I may need new socks, but I can survive without them for a little while. Besides that, I generally wear my Gortex socks anyway to make sure my feet'll stay dry. These and anything not on that list are wants, not needs. Only combat/mission essential kit should go in the Tac Vest, as space is at an absolute premium in that POS. 

I think the best compromise is to coordinate, at the section or platoon level, where that mission essential kit goes in the Tac-Vest. After that, anything else should be left to the individual. The combat pants have enough space left over for anything else you may need; notebook, your other couple of mags, etc.

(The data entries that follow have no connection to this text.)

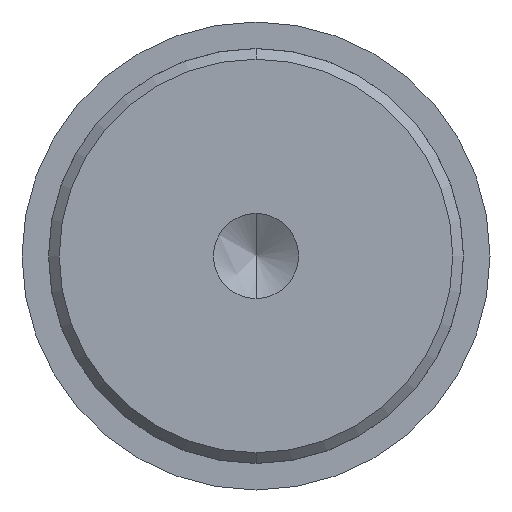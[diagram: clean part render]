
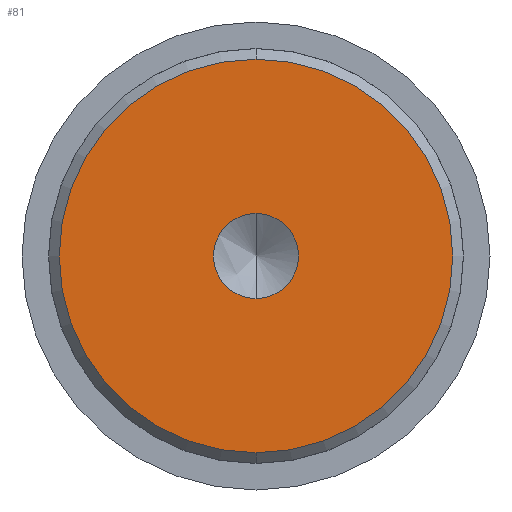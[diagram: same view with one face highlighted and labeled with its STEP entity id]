
A CAD part, left-side view. The second image highlights one B-rep face of the part: STEP entity #81.
In plain terms, the highlighted free-form (B-spline) face has degree [1, 1] with [2, 2] control points.
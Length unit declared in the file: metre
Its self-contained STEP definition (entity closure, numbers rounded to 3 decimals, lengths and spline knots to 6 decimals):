
#81 = ADVANCED_FACE( '', ( #116, #117 ), #118, .T. );
#116 = FACE_BOUND( '', #186, .T. );
#117 = FACE_OUTER_BOUND( '', #187, .T. );
#118 = B_SPLINE_SURFACE_WITH_KNOTS( '', 1, 1, ( ( #188, #189 ), ( #190, #191 ) ), .UNSPECIFIED., .F., .F., .F., ( 2, 2 ), ( 2, 2 ), ( 0., 1. ), ( 0., 1. ), .UNSPECIFIED. );
#186 = EDGE_LOOP( '', ( #345, #346 ) );
#187 = EDGE_LOOP( '', ( #347, #348 ) );
#188 = CARTESIAN_POINT( '', ( -0.044, -0.018722, -0.018722 ) );
#189 = CARTESIAN_POINT( '', ( -0.044, 0.018722, -0.018722 ) );
#190 = CARTESIAN_POINT( '', ( -0.044, -0.018722, 0.018722 ) );
#191 = CARTESIAN_POINT( '', ( -0.044, 0.018722, 0.018722 ) );
#345 = ORIENTED_EDGE( '', *, *, #522, .T. );
#346 = ORIENTED_EDGE( '', *, *, #520, .T. );
#347 = ORIENTED_EDGE( '', *, *, #523, .T. );
#348 = ORIENTED_EDGE( '', *, *, #524, .T. );
#520 = EDGE_CURVE( '', #582, #580, #583, .T. );
#522 = EDGE_CURVE( '', #580, #582, #585, .T. );
#523 = EDGE_CURVE( '', #586, #587, #588, .F. );
#524 = EDGE_CURVE( '', #587, #586, #589, .F. );
#580 = VERTEX_POINT( '', #673 );
#582 = VERTEX_POINT( '', #676 );
#583 = CIRCLE( '', #677, 0.004 );
#585 = CIRCLE( '', #680, 0.004 );
#586 = VERTEX_POINT( '', #681 );
#587 = VERTEX_POINT( '', #682 );
#588 = CIRCLE( '', #683, 0.0185 );
#589 = CIRCLE( '', #684, 0.0185 );
#673 = CARTESIAN_POINT( '', ( -0.044, 0., -0.004 ) );
#676 = CARTESIAN_POINT( '', ( -0.044, 0., 0.004 ) );
#677 = AXIS2_PLACEMENT_3D( '', #806, #807, #808 );
#680 = AXIS2_PLACEMENT_3D( '', #810, #811, #812 );
#681 = CARTESIAN_POINT( '', ( -0.044, 0., 0.0185 ) );
#682 = CARTESIAN_POINT( '', ( -0.044, 0., -0.0185 ) );
#683 = AXIS2_PLACEMENT_3D( '', #813, #814, #815 );
#684 = AXIS2_PLACEMENT_3D( '', #816, #817, #818 );
#806 = CARTESIAN_POINT( '', ( -0.044, 0., 0. ) );
#807 = DIRECTION( '', ( 1., 0., 0. ) );
#808 = DIRECTION( '', ( 0., 0., -1. ) );
#810 = CARTESIAN_POINT( '', ( -0.044, 0., 0. ) );
#811 = DIRECTION( '', ( 1., 0., 0. ) );
#812 = DIRECTION( '', ( 0., 0., -1. ) );
#813 = CARTESIAN_POINT( '', ( -0.044, 0., 0. ) );
#814 = DIRECTION( '', ( 1., 0., 0. ) );
#815 = DIRECTION( '', ( 0., 0., -1. ) );
#816 = CARTESIAN_POINT( '', ( -0.044, 0., 0. ) );
#817 = DIRECTION( '', ( 1., 0., 0. ) );
#818 = DIRECTION( '', ( 0., 0., -1. ) );
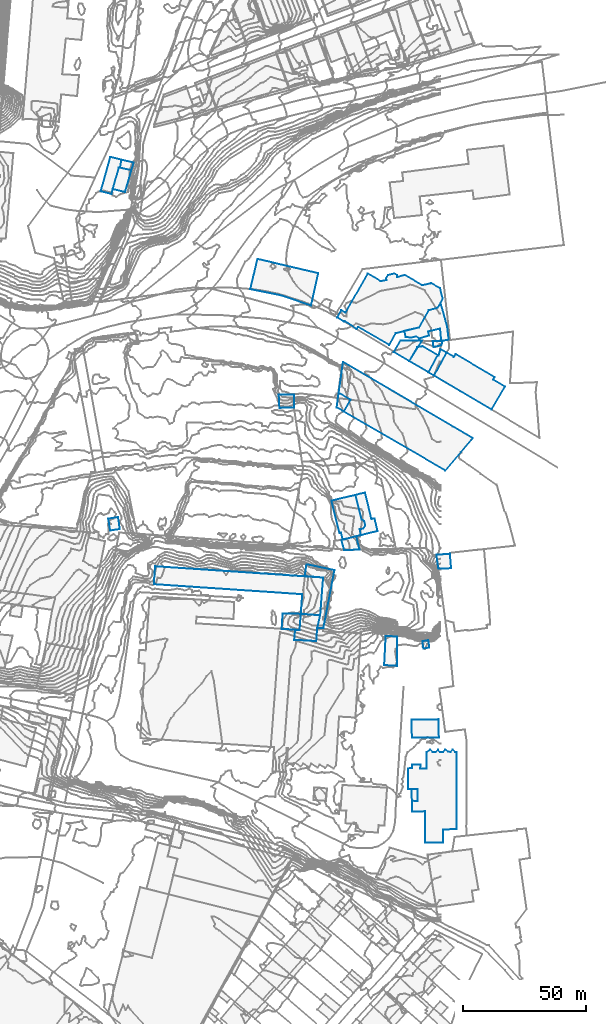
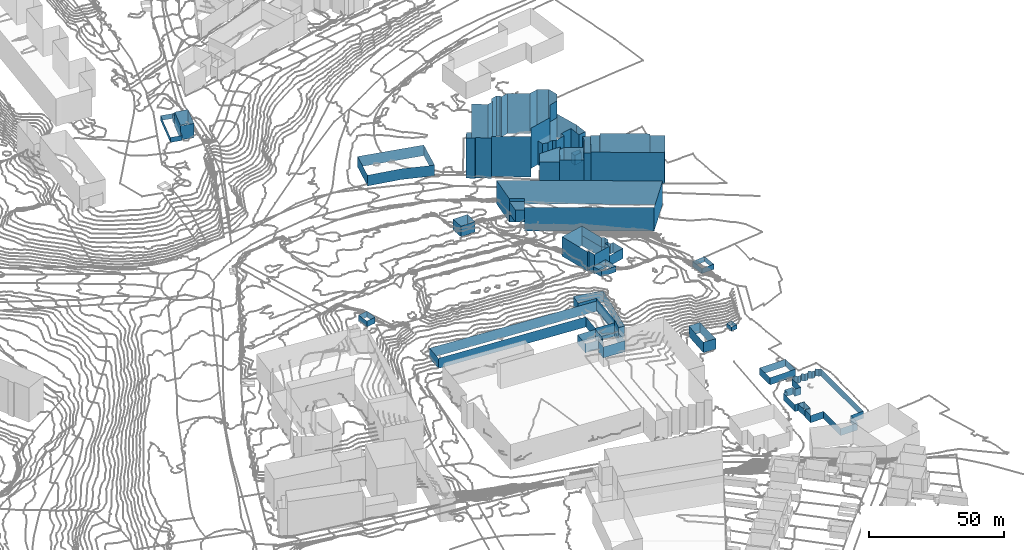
# Not in any storey, part 54 of 419: 28 walls.
"""IFC2X3 model written with IfcOpenShell, lengths in metres."""

from ifc_helpers import new_model, si_unit, frame, origin_with_axes, place, context, subcontext, project, faceted_brep, element, save


model = new_model("IFC2X3")

# Units and contexts
model_context = context("Model", 3, precision=1e-05, world=origin_with_axes())
body_context = subcontext(model_context, "Body", "Model", "MODEL_VIEW")
ifc_project = project(units=[si_unit("AREAUNIT", "SQUARE_METRE"), si_unit("LENGTHUNIT", "METRE")], contexts=[model_context])

# Walls
wall_1_placement = place(None, frame((953.4920204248, 415.3976909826, 67.8876001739), z_axis=(0.0, 0.0, 1.0), x_axis=(1.0, 0.0, 0.0)))
element("IfcWall", 1, at=wall_1_placement, Name="Mur 0", context=body_context, shape_type="Brep", body=[
    faceted_brep([(5.2, -0.2999999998, 4.7123998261), (0.0, 0.0, 4.7123998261), (5.2, -0.2999999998, 0.0), (0.0, 0.0, 0.0), (5.2999999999, 11.7000000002, 4.7123998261), (5.2999999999, 11.7000000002, 0.0), (0.6, 11.7999999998, 4.7123998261), (0.6, 11.7999999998, 0.0)], [[[0, 1, 2]], [[2, 1, 3]], [[4, 0, 5]], [[5, 0, 2]], [[1, 6, 3]], [[3, 6, 7]], [[6, 4, 7]], [[7, 4, 5]]]),
])
wall_2_placement = place(None, frame((964.6920204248, 393.1976909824, 67.3694023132), z_axis=(0.0, 0.0, 1.0), x_axis=(1.0, 0.0, 0.0)))
element("IfcWall", 2, at=wall_2_placement, Name="Mur 0", context=body_context, shape_type="Brep", body=[
    faceted_brep([(11.0, 0.1000000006, 3.2305976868), (11.1, -7.2999999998, 3.2305976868), (11.0, 0.1000000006, 0.0), (11.1, -7.2999999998, 0.0), (0.0, 0.0, 3.2305976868), (0.0, 0.0, 0.0), (0.1, -7.3999999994, 3.2305976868), (0.1, -7.3999999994, 0.0)], [[[0, 1, 2]], [[2, 1, 3]], [[4, 0, 5]], [[5, 0, 2]], [[1, 6, 3]], [[3, 6, 7]], [[6, 4, 7]], [[7, 4, 5]]]),
])
wall_3_placement = place(None, frame((916.7920204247, 425.6976909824, 72.122000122), z_axis=(0.0, 0.0, 1.0), x_axis=(1.0, 0.0, 0.0)))
element("IfcWall", 3, at=wall_3_placement, Name="Mur 0", context=body_context, shape_type="Brep", body=[
    faceted_brep([(0.0, 0.0, 4.977999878), (0.4, 4.1000000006, 4.977999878), (0.0, 0.0, 0.0), (0.4, 4.1000000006, 0.0), (9.0, -0.5, 4.977999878), (9.0, -0.5, 0.0), (9.4, 4.9000000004, 4.977999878), (9.4, 4.9000000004, 0.0), (10.6000000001, 10.0, 4.977999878), (10.6000000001, 10.0, 0.0), (2.7000000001, 10.6000000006, 4.977999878), (2.7000000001, 10.6000000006, 0.0), (2.2000000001, 4.0, 4.977999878), (2.2000000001, 4.0, 0.0)], [[[0, 1, 2]], [[2, 1, 3]], [[4, 0, 5]], [[5, 0, 2]], [[6, 4, 7]], [[7, 4, 5]], [[8, 6, 9]], [[9, 6, 7]], [[10, 8, 11]], [[11, 8, 9]], [[1, 12, 3]], [[3, 12, 13]], [[12, 10, 13]], [[13, 10, 11]]]),
])
wall_4_placement = place(None, frame((898.8920204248, 568.6976909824, 69.1679992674), z_axis=(0.0, 0.0, 1.0), x_axis=(1.0, 0.0, 0.0)))
element("IfcWall", 4, at=wall_4_placement, Name="Mur 0", context=body_context, shape_type="Brep", body=[
    faceted_brep([(27.7, 6.5, 4.8320007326), (25.2, -4.5999999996, 4.8320007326), (27.7, 6.5, 0.0), (25.2, -4.5999999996, 0.0), (2.8999999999, 12.2999999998, 4.8320007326), (2.8999999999, 12.2999999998, 0.0), (0.0, 0.0, 4.8320007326), (0.0, 0.0, 0.0), (12.7, -2.5999999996, 4.8320007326), (12.7, -2.5999999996, 0.0), (24.7, -6.7000000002, 4.8320007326), (24.7, -6.7000000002, 0.0)], [[[0, 1, 2]], [[2, 1, 3]], [[4, 0, 5]], [[5, 0, 2]], [[6, 4, 7]], [[7, 4, 5]], [[8, 6, 9]], [[9, 6, 7]], [[1, 10, 3]], [[3, 10, 11]], [[10, 8, 11]], [[11, 8, 9]]]),
])
wall_5_placement = place(None, frame((859.5920204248, 448.3976909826, 73.6399993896), z_axis=(0.0, 0.0, 1.0), x_axis=(1.0, 0.0, 0.0)))
element("IfcWall", 5, at=wall_5_placement, Name="Mur 0", context=body_context, shape_type="Brep", body=[
    faceted_brep([(67.8, -12.7000000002, 4.5600006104), (59.9, -12.0999999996, 4.5600006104), (67.8, -12.7000000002, 0.0), (59.9, -12.0999999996, 0.0), (69.0, 2.7000000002, 4.5600006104), (69.0, 2.7000000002, 0.0), (0.5, 7.2999999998, 4.5600006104), (0.5, 7.2999999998, 0.0), (0.0, 0.0, 4.5600006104), (0.0, 0.0, 0.0), (60.5, -4.0999999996, 4.5600006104), (60.5, -4.0999999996, 0.0)], [[[0, 1, 2]], [[2, 1, 3]], [[4, 0, 5]], [[5, 0, 2]], [[6, 4, 7]], [[7, 4, 5]], [[8, 6, 9]], [[9, 6, 7]], [[1, 10, 3]], [[3, 10, 11]], [[10, 8, 11]], [[11, 8, 9]]]),
])
wall_6_placement = place(None, frame((973.7920204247, 533.3976909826, 65.5460006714), z_axis=(0.0, 0.0, 1.0), x_axis=(1.0, 0.0, 0.0)))
element("IfcWall", 6, at=wall_6_placement, Name="Mur 0", context=body_context, shape_type="Brep", body=[
    faceted_brep([(0.0, 0.0, 14.0539993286), (5.1000000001, 9.4000000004, 14.0539993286), (0.0, 0.0, 0.0), (5.1000000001, 9.4000000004, 0.0), (23.4, -13.7999999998, 14.0539993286), (23.4, -13.7999999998, 0.0), (28.9, -4.5, 14.0539993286), (28.9, -4.5, 0.0), (24.2000000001, -1.5999999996, 14.0539993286), (24.2000000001, -1.5999999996, 0.0), (24.7000000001, -0.5999999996, 14.0539993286), (24.7000000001, -0.5999999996, 0.0), (8.8, 8.7999999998, 14.0539993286), (8.8, 8.7999999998, 0.0), (8.1000000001, 7.7000000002, 14.0539993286), (8.1000000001, 7.7000000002, 0.0)], [[[0, 1, 2]], [[2, 1, 3]], [[4, 0, 5]], [[5, 0, 2]], [[6, 4, 7]], [[7, 4, 5]], [[8, 6, 9]], [[9, 6, 7]], [[10, 8, 11]], [[11, 8, 9]], [[12, 10, 13]], [[13, 10, 11]], [[1, 14, 3]], [[3, 14, 15]], [[14, 12, 15]], [[15, 12, 13]]]),
])
wall_7_placement = place(None, frame((840.9920204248, 475.0976909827, 85.326399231), z_axis=(0.0, 0.0, 1.0), x_axis=(1.0, 0.0, 0.0)))
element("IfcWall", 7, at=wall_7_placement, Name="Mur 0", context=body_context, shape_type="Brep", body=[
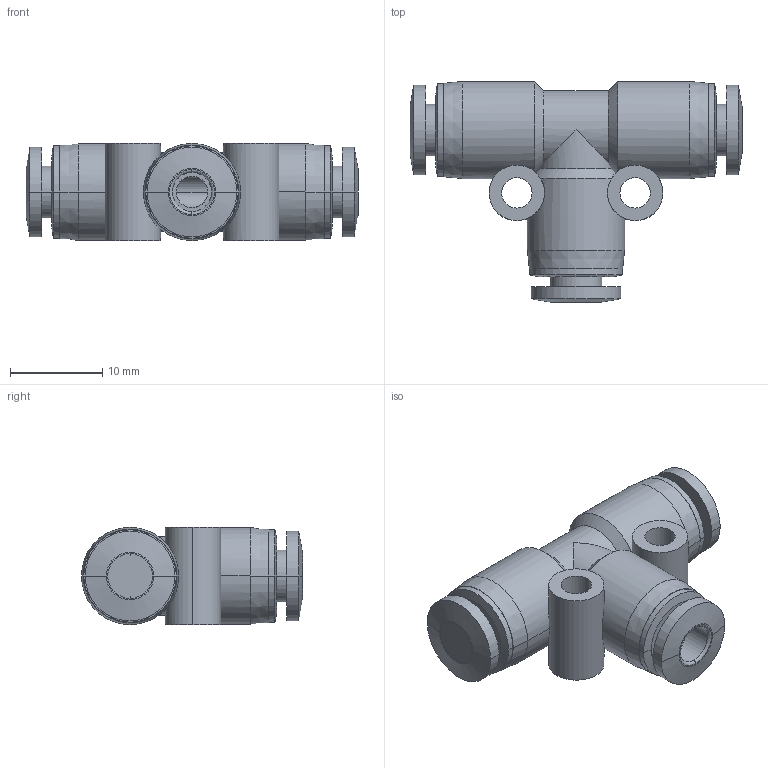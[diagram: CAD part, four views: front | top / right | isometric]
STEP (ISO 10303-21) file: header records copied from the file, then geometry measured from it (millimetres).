
FILE_DESCRIPTION (( 'STEP AP203' ), '1' );
FILE_NAME ('FT04-00.STEP', '2020-05-06T15:25:49', ( '' ), ( '' ), 'SwSTEP 2.0', 'SolidWorks 2019', '' );
FILE_SCHEMA (( 'CONFIG_CONTROL_DESIGN' ));
Length unit declared in the file: millimetre
Products named in the file (1): FT04-00
Bounding box: 35.9 x 23.9 x 10.5 mm (x, y, z)
Volume: 3371.2 mm3; surface area: 3106 mm2
Topology: 1 solids, 1 shells, 96 faces, 226 edges, 144 vertices
Faces by surface type: cylinder 46, cone 24, plane 20, bspline 6
Entity records: 3439 total; most frequent: CARTESIAN_POINT 1151, DIRECTION 484, ORIENTED_EDGE 452, EDGE_CURVE 226, AXIS2_PLACEMENT_3D 209, VERTEX_POINT 144, CIRCLE 118, EDGE_LOOP 114
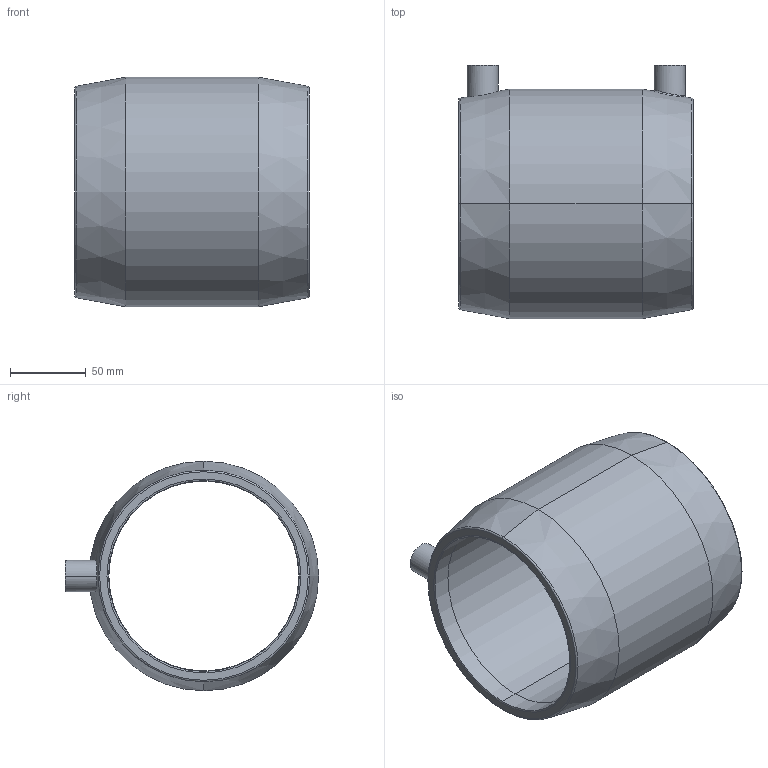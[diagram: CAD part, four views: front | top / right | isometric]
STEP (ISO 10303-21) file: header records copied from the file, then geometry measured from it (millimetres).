
FILE_DESCRIPTION (( 'STEP AP214' ), '1' );
FILE_NAME ('CBKHA125.STEP', '2018-09-19T14:10:45', ( '' ), ( '' ), 'SwSTEP 2.0', 'SolidWorks 2017', '' );
FILE_SCHEMA (( 'AUTOMOTIVE_DESIGN' ));
Length unit declared in the file: millimetre
Products named in the file (1): CBKHA125
Bounding box: 154.2 x 166.64 x 151 mm (x, y, z)
Volume: 782796.6 mm3; surface area: 142379.7 mm2
Topology: 1 solids, 1 shells, 54 faces, 110 edges, 64 vertices
Faces by surface type: cone 20, cylinder 16, torus 8, plane 8, bspline 2
Entity records: 2102 total; most frequent: CARTESIAN_POINT 791, DIRECTION 274, ORIENTED_EDGE 220, AXIS2_PLACEMENT_3D 119, EDGE_CURVE 110, CIRCLE 66, VERTEX_POINT 64, EDGE_LOOP 62

thinking logically, in a combat situation, frigging with all the pockets to grab the gear would probably take longer than grabbing on the web handle at the top of the vest and jus dragging buddy to where you've got some cover. Absent that, jsut taking off his entire vest would probably be relavtively quick. I can think of very VERY few situations where one would be limited to rooting through each and every pouch and pocket individually while being shot at. I have to think in most cases it's easier to drag him to cover...


----------



## foerestedwarrior (24 Feb 2005)

Let me clarify, standarization of kit to include things like rainsuit complete, and all that weird crap, is usless, but, like I said, making everyone carry the same thing in the same way, forces say a C9/C6 gunner to compensate for the odd layout.


----------



## big bad john (24 Feb 2005)

You don't get it.  It means that you standarize as much as possible.  That is all C9 Gunners carry the same load in the same place on their vests, all battle dressings in the same place, no Yorkie bars in your compass pouch, ect..


----------



## JimmyPeeOn (25 Feb 2005)

As of now, our "Garrison wear"  (when the **** do you wear the TV in garrison? hehe)

Right side
2X c7 mag
1X Mag light
C13 
1 qt canteen horizontal or vertical (horizontal rocks!)
1Xsmoke
and in the front pouch
Wpn EIS sling (good luck with the "patrol" sling)
50' para cord
KFS
grey socks

lLeft side
2X C7mag
map/munchies
C13
C9 pouch is rain suit.  (total ******* hassle and i would rather get wet than have to put it back)
1X smoke
whistle (never seen it)
and in the front
Cbt golves(old style w/ liners)
Lypsol
Earplugs
Gas pouch sling
boot laces 
2Xfield dressing

Anyways, its ridiculous and once you get in the field you can do what you want as long as you have ammo water and what you need to bring a fight.


----------



## foerestedwarrior (25 Feb 2005)

big bad john said:
			
		

> You don't get it.   It means that you standarize as much as possible.   That is all C9 Gunners carry the same load in the same place on their vests, all battle dressings in the same place, no Yorkie bars in your compass pouch, ect..



I know that, I mean that to make everyone carry the same thing,in the same pouch, regardless of role is, IMO, wrong.


----------



## KevinB (26 Feb 2005)

BBJ - let me get this straight - you want to enforce placing all kit in the same area?

 I fail to see your logic - first aid stuff - to a point and mark it with a red cross - its pretty simple.
Mags - if I am scrurrying along the dead - I am taking their LBE compete not doign a fucking inventory of their OP150 kit list.  Once under cover I will sort out what is needed from not.
 My kit won't bear C9 ammo - so I'd need to lift the gunners LBE anyway.  This is why Matt Fisher and few others proposed the M203 grenadier belt - so one can grab it can the grenadiers wpn and go.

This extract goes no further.